Work required: For the records below, print the lines from the line with "Room Calculation Point = No" through the line with "Cycle = 60 Hz" exactly as written; include both end lines and exclude the rest.

━━━ Recorded information

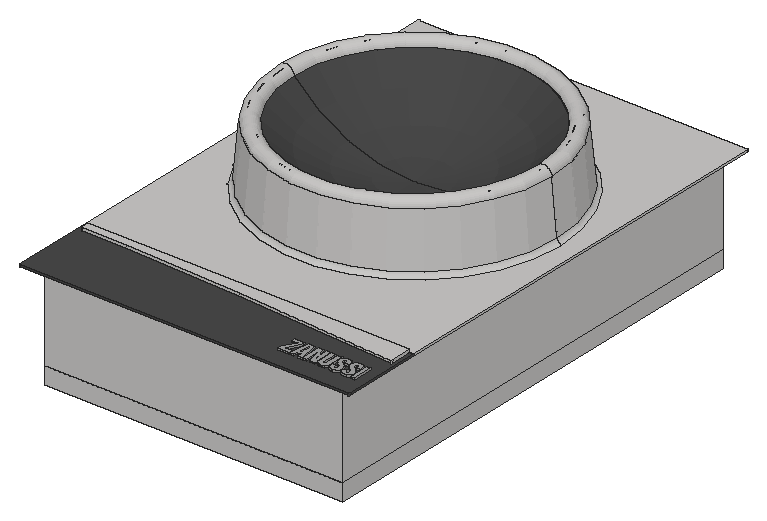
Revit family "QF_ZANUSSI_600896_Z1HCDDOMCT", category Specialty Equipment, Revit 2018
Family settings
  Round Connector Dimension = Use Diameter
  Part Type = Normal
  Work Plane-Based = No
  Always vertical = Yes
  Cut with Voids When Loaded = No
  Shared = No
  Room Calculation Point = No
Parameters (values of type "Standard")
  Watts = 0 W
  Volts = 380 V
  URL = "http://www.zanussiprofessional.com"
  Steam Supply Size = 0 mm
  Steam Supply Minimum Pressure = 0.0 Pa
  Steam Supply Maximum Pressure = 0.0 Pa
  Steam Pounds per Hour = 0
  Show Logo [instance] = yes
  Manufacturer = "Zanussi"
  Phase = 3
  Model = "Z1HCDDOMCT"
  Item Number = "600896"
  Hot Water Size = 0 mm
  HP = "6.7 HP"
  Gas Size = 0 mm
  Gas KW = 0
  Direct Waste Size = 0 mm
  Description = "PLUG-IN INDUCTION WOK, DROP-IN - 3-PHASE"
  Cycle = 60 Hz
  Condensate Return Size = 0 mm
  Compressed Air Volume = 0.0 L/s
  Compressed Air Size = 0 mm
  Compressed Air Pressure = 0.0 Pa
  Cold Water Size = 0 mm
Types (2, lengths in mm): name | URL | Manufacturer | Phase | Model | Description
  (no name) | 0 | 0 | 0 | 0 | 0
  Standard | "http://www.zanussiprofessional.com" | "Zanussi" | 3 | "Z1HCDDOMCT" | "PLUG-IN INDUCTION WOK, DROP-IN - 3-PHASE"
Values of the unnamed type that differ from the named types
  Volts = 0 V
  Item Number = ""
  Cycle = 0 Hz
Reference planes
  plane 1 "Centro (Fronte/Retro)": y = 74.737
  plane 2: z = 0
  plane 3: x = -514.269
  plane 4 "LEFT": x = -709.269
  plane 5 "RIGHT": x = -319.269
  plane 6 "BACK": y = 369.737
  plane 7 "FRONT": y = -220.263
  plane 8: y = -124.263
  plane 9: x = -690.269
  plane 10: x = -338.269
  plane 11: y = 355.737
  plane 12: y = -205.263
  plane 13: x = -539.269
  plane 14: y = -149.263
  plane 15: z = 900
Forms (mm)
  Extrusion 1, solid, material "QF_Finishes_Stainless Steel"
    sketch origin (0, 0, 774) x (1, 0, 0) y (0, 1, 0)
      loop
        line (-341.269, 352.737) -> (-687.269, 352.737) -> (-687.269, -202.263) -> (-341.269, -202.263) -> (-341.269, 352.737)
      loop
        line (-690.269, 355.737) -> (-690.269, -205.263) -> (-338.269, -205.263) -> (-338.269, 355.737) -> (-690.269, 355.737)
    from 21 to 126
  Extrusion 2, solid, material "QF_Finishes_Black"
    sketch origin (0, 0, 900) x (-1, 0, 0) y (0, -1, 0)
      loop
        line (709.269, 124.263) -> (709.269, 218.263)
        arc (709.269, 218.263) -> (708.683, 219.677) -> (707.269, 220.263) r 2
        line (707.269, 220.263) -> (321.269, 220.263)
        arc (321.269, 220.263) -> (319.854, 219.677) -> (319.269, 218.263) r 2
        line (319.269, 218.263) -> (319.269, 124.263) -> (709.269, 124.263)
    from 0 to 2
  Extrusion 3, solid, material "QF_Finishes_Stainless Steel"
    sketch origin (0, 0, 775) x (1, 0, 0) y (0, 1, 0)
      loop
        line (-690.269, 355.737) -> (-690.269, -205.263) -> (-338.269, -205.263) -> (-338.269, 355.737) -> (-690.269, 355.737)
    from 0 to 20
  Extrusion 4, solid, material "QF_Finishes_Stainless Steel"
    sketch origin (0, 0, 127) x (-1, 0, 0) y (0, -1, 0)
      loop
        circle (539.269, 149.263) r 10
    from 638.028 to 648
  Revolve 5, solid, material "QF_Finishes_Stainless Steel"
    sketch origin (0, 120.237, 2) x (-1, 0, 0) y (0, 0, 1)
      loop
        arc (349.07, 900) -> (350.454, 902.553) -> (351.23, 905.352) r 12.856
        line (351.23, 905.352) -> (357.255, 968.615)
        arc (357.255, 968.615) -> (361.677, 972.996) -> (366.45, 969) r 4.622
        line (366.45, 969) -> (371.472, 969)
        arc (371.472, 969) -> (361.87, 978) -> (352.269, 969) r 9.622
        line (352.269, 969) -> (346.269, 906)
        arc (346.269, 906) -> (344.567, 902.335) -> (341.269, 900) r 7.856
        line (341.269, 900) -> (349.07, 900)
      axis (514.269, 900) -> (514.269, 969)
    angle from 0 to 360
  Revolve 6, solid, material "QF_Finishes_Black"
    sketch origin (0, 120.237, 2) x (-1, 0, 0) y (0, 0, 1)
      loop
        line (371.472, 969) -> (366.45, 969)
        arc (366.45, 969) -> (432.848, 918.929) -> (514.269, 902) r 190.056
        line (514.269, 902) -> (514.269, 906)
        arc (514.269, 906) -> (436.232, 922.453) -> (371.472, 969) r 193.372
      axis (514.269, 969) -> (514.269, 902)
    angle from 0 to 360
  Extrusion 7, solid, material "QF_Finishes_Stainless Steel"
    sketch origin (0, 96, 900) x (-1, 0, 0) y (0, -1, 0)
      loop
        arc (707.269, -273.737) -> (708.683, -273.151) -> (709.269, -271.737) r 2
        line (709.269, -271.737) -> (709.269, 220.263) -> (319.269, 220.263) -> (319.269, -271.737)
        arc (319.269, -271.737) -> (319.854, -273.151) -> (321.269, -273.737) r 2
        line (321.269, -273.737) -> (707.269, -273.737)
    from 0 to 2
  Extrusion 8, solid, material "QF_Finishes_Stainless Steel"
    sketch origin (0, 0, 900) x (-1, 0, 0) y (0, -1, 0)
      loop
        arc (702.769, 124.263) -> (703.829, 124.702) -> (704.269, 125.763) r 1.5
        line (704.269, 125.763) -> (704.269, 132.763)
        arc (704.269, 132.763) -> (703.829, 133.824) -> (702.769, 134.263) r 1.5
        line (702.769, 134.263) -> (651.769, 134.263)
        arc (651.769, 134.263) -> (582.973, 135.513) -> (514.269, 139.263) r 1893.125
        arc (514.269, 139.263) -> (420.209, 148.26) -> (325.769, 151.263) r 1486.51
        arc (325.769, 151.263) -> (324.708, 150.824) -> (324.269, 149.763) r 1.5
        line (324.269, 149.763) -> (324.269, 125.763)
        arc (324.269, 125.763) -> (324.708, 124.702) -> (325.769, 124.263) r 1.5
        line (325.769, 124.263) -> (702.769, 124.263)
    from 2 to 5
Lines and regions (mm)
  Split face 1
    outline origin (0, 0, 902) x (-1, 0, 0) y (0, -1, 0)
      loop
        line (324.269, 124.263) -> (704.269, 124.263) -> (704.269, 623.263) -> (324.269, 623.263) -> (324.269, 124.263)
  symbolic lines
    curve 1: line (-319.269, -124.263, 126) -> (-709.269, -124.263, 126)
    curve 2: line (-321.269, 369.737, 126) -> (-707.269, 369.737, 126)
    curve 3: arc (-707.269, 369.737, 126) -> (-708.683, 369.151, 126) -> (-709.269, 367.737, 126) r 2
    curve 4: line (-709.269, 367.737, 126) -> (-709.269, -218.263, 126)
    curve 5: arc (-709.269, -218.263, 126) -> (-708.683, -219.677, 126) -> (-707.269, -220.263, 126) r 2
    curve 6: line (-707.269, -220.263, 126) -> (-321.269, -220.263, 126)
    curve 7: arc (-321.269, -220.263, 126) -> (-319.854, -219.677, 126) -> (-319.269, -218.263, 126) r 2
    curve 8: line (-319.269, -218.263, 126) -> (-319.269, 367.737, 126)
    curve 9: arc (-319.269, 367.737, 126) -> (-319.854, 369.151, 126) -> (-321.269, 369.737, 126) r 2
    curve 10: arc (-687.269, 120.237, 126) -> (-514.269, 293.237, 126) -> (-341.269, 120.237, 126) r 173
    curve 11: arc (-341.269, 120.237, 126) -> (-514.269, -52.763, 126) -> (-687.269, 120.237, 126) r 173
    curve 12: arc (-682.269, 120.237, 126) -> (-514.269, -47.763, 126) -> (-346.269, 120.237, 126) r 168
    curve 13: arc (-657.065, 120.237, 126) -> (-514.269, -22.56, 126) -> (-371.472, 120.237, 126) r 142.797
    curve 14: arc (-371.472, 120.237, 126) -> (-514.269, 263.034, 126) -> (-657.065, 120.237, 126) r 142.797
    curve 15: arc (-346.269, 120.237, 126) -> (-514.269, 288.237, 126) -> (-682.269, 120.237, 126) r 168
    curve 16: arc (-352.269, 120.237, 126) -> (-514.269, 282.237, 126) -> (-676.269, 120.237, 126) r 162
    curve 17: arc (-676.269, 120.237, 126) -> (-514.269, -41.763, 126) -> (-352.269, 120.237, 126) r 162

━━━━━━

Response box:
  Room Calculation Point = No
Parameters (values of type "Standard")
  Watts = 0 W
  Volts = 380 V
  URL = "http://www.zanussiprofessional.com"
  Steam Supply Size = 0 mm
  Steam Supply Minimum Pressure = 0.0 Pa
  Steam Supply Maximum Pressure = 0.0 Pa
  Steam Pounds per Hour = 0
  Show Logo [instance] = yes
  Manufacturer = "Zanussi"
  Phase = 3
  Model = "Z1HCDDOMCT"
  Item Number = "600896"
  Hot Water Size = 0 mm
  HP = "6.7 HP"
  Gas Size = 0 mm
  Gas KW = 0
  Direct Waste Size = 0 mm
  Description = "PLUG-IN INDUCTION WOK, DROP-IN - 3-PHASE"
  Cycle = 60 Hz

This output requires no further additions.